Every line containing "blocks" should be identified and copied from the data below.

────────────────

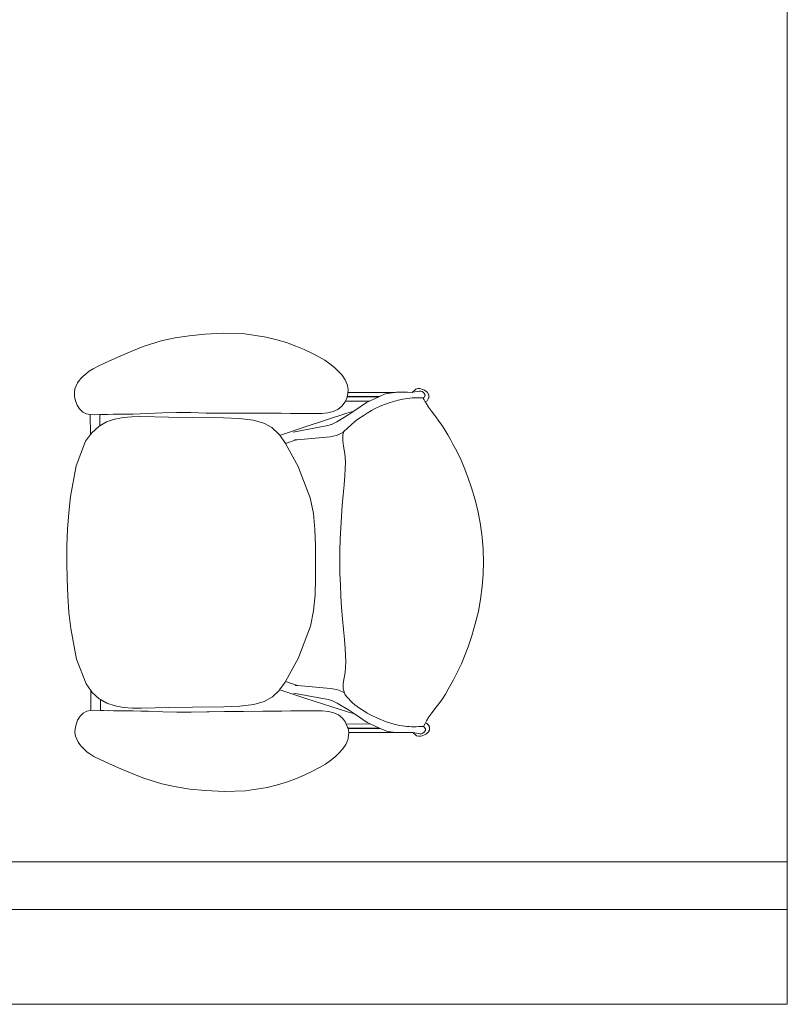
# Model space of a CAD drawing. Header units: millimetres. Extents: x -1131 to 37929, y -9154 to 9180.
# Tile 8 of 85: x 10170 to 11404, y -9001 to -7419. Entities that reach past the tile are written whole.
import ezdxf

# ---------------------------------------------------------------- set-up
doc = ezdxf.new("R2010")
doc.units = ezdxf.units.MM
doc.layers.add('GREYSCALE', color=9, linetype='Continuous', lineweight=0, true_color=0x808080)

# ---------------------------------------------------------------- blocks, each defined once
blk = doc.blocks.new('FLOOR PLAN')
at = {"layer": 'GREYSCALE', "ltscale": 0.25}
for p, q in [((11785.4, 6245.4), (11785.4, 304.8)), ((8535.8, 381.1), (11785.4, 381.1)), ((11785.4, 381.1), (11785.4, 304.8)), ((1453.1, 304.8), (11785.4, 304.8)), ((11785.4, 304.8), (8535.8, 304.8))]:
    blk.add_line(p, q, dxfattribs=at)
at = {"layer": 'GREYSCALE'}
for p, q in [((10778.3, 1218.4), (10749.7, 1209.2)), ((10801.2, 1223.4), (10778.3, 1218.4)), ((10823.6, 1226.7), (10801.2, 1223.4)), ((10848.8, 1229.2), (10823.6, 1226.7)), ((10879.2, 1230.9), (10848.8, 1229.2)), ((10913, 1230), (10879.2, 1230.9)), ((10947.6, 1224.6), (10913, 1230)), ((10964.3, 1220.4), (10947.6, 1224.6)), ((10980.3, 1215.6), (10964.3, 1220.4)), ((10749.7, 1209.2), (10731.6, 1202)), ((10995, 1210.2), (10980.3, 1215.6)), ((11008.6, 1204.5), (10995, 1210.2)), ((11020.9, 1198.6), (11008.6, 1204.5)), ((10712.6, 1194), (10694.6, 1186)), ((10731.6, 1202), (10712.6, 1194)), ((11031.9, 1192.8), (11020.9, 1198.6)), ((11041.5, 1187.3), (11031.9, 1192.8)), ((11049.9, 1181.7), (11041.5, 1187.3)), ((10669.4, 1173.7), (10662.9, 1169.8)), ((10679.6, 1178.9), (10669.4, 1173.7)), ((10694.6, 1186), (10679.6, 1178.9)), ((11057.2, 1175.8), (11049.9, 1181.7)), ((11063.8, 1169.5), (11057.2, 1175.8)), ((10646.6, 1154.6), (10649.5, 1158)), ((10652.7, 1161.2), (10649.5, 1158)), ((10655.8, 1164), (10652.7, 1161.2)), ((10658.8, 1166.7), (10655.8, 1164)), ((10662.9, 1169.8), (10658.8, 1166.7)), ((11063.8, 1169.5), (11069.6, 1163.1)), ((11074.4, 1156), (11069.6, 1163.1)), ((11074.4, 1156), (11077.7, 1148.3)), ((10639.9, 1141.2), (10639.1, 1135.5)), ((10641.7, 1146.3), (10639.9, 1141.2)), ((10644, 1150.8), (10641.7, 1146.3)), ((10644, 1150.8), (10646.6, 1154.6)), ((11077.7, 1148.3), (11078, 1146.5)), ((11079, 1140.4), (11078, 1146.5)), ((11079, 1140.2), (11079, 1140.4)), ((11079, 1140.2), (11079.3, 1138.1)), ((11188.3, 1140.9), (11186, 1138.9)), ((11191.3, 1142), (11188.3, 1140.9)), ((11194.4, 1142), (11191.3, 1142)), ((11197.3, 1140.9), (11194.4, 1142)), ((11197.3, 1140.9), (11202.1, 1139.3)), ((11202.1, 1139.3), (11206, 1136.7)), ((10639.1, 1135.5), (10639.2, 1129.2)), ((10639.2, 1129.2), (10640.8, 1122.2)), ((11074.8, 1121.8), (11077.5, 1128.1)), ((11077.5, 1128.1), (11077.6, 1128.4)), ((11077.6, 1128.4), (11077.8, 1128.9)), ((11077.6, 1128.4), (11128.6, 1128.5)), ((11077.8, 1128.9), (11078.1, 1129.7)), ((11129.8, 1129), (11077.8, 1128.9)), ((11078.1, 1129.7), (11078.9, 1135.5)), ((11078.9, 1135.5), (11079.3, 1138.1)), ((11154.9, 1135.7), (11078.9, 1135.5)), ((11128.6, 1128.5), (11113.8, 1121.8)), ((11129.8, 1129), (11128.6, 1128.5)), ((11139, 1133.1), (11129.8, 1129)), ((11142.1, 1134), (11139, 1133.1)), ((11154.9, 1135.7), (11142.1, 1134)), ((11156.9, 1135.9), (11154.9, 1135.7)), ((11160, 1135.9), (11156.9, 1135.9)), ((11160, 1135.9), (11171.6, 1135.9)), ((11174.4, 1135.9), (11171.6, 1135.9)), ((11182.2, 1135.7), (11174.4, 1135.9)), ((11182.2, 1135.7), (11182.6, 1135.8)), ((11190.9, 1136.9), (11182.6, 1135.8)), ((11182.6, 1135.8), (11183.3, 1136.7)), ((11186, 1138.9), (11183.3, 1136.7)), ((11190.9, 1136.9), (11193.4, 1137.7)), ((11193.4, 1137.7), (11196, 1137.7)), ((11196, 1137.7), (11198.5, 1136.9)), ((11198.5, 1136.9), (11200.5, 1135.5)), ((11199.9, 1126.5), (11199.8, 1126.8)), ((11199.9, 1126.5), (11200.5, 1126.9)), ((11201.5, 1123.8), (11199.9, 1126.5)), ((11200.5, 1135.5), (11201.8, 1133.6)), ((11200.7, 1127.2), (11200.5, 1126.9)), ((11201.9, 1128.9), (11200.7, 1127.2)), ((11203.3, 1120.4), (11201.5, 1123.8)), ((11202, 1133.3), (11201.8, 1133.6)), ((11201.9, 1128.9), (11202.1, 1129.2)), ((11202.2, 1133), (11202, 1133.3)), ((11202.1, 1129.2), (11202.2, 1129.4)), ((11202.3, 1132.8), (11202.2, 1133)), ((11202.2, 1129.4), (11202.3, 1129.6)), ((11202.4, 1132.6), (11202.3, 1132.8)), ((11202.3, 1129.6), (11202.5, 1129.8)), ((11202.5, 1132.5), (11202.4, 1132.6)), ((11202.6, 1132.4), (11202.5, 1132.5)), ((11202.5, 1129.9), (11202.6, 1130)), ((11202.5, 1129.8), (11202.5, 1129.9)), ((11202.6, 1132.3), (11202.6, 1132.4)), ((11202.7, 1132.2), (11202.6, 1132.3)), ((11202.6, 1130.1), (11202.7, 1130.2)), ((11202.6, 1130), (11202.6, 1130.1)), ((11202.7, 1132.1), (11202.7, 1132.2)), ((11202.7, 1132.2), (11202.7, 1132.2)), ((11202.7, 1132), (11202.7, 1132.1)), ((11202.8, 1132), (11202.7, 1132)), ((11202.7, 1130.3), (11202.8, 1130.4)), ((11202.7, 1130.2), (11202.7, 1130.3)), ((11202.7, 1130.2), (11202.7, 1130.2)), ((11202.8, 1131.9), (11202.8, 1132)), ((11202.8, 1131.8), (11202.8, 1131.9)), ((11202.8, 1131.7), (11202.8, 1131.8)), ((11202.8, 1131.8), (11202.8, 1131.8)), ((11202.9, 1131.7), (11202.8, 1131.7)), ((11202.8, 1130.6), (11202.8, 1130.7)), ((11202.8, 1130.7), (11202.9, 1130.7)), ((11202.8, 1130.5), (11202.8, 1130.6)), ((11202.8, 1130.4), (11202.8, 1130.5)), ((11202.8, 1130.5), (11202.8, 1130.5)), ((11202.8, 1130.4), (11202.8, 1130.4)), ((11202.9, 1131.6), (11202.9, 1131.7)), ((11202.9, 1131.5), (11202.9, 1131.6)), ((11202.9, 1131.4), (11202.9, 1131.5)), ((11202.9, 1131.5), (11202.9, 1131.5)), ((11202.9, 1131.3), (11202.9, 1131.4)), ((11202.9, 1131.2), (11202.9, 1131.3)), ((11202.9, 1131.3), (11202.9, 1131.3)), ((11202.9, 1131.1), (11202.9, 1131.2)), ((11202.9, 1131), (11202.9, 1131.1)), ((11202.9, 1131.1), (11202.9, 1131.1)), ((11202.9, 1130.9), (11202.9, 1131)), ((11202.9, 1130.8), (11202.9, 1130.9)), ((11202.9, 1130.9), (11202.9, 1130.9)), ((11202.9, 1130.7), (11202.9, 1130.8)), ((11206, 1136.7), (11206.9, 1135.5)), ((11206.9, 1123.4), (11206.1, 1122.2)), ((11206.9, 1135.5), (11207.6, 1134.4)), ((11207.6, 1124.5), (11206.9, 1123.4)), ((11207.6, 1134.4), (11208.1, 1133.5)), ((11208.1, 1125.5), (11207.6, 1124.5)), ((11208.1, 1133.5), (11208.5, 1132.6)), ((11208.5, 1126.4), (11208.1, 1125.5)), ((11208.5, 1132.6), (11208.8, 1131.7)), ((11208.8, 1127.2), (11208.5, 1126.4)), ((11208.8, 1131.7), (11209, 1130.9)), ((11209, 1128), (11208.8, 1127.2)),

────────────────

TASK SOLUTION:
# ---------------------------------------------------------------- blocks, each defined once
blk = doc.blocks.new('FLOOR PLAN')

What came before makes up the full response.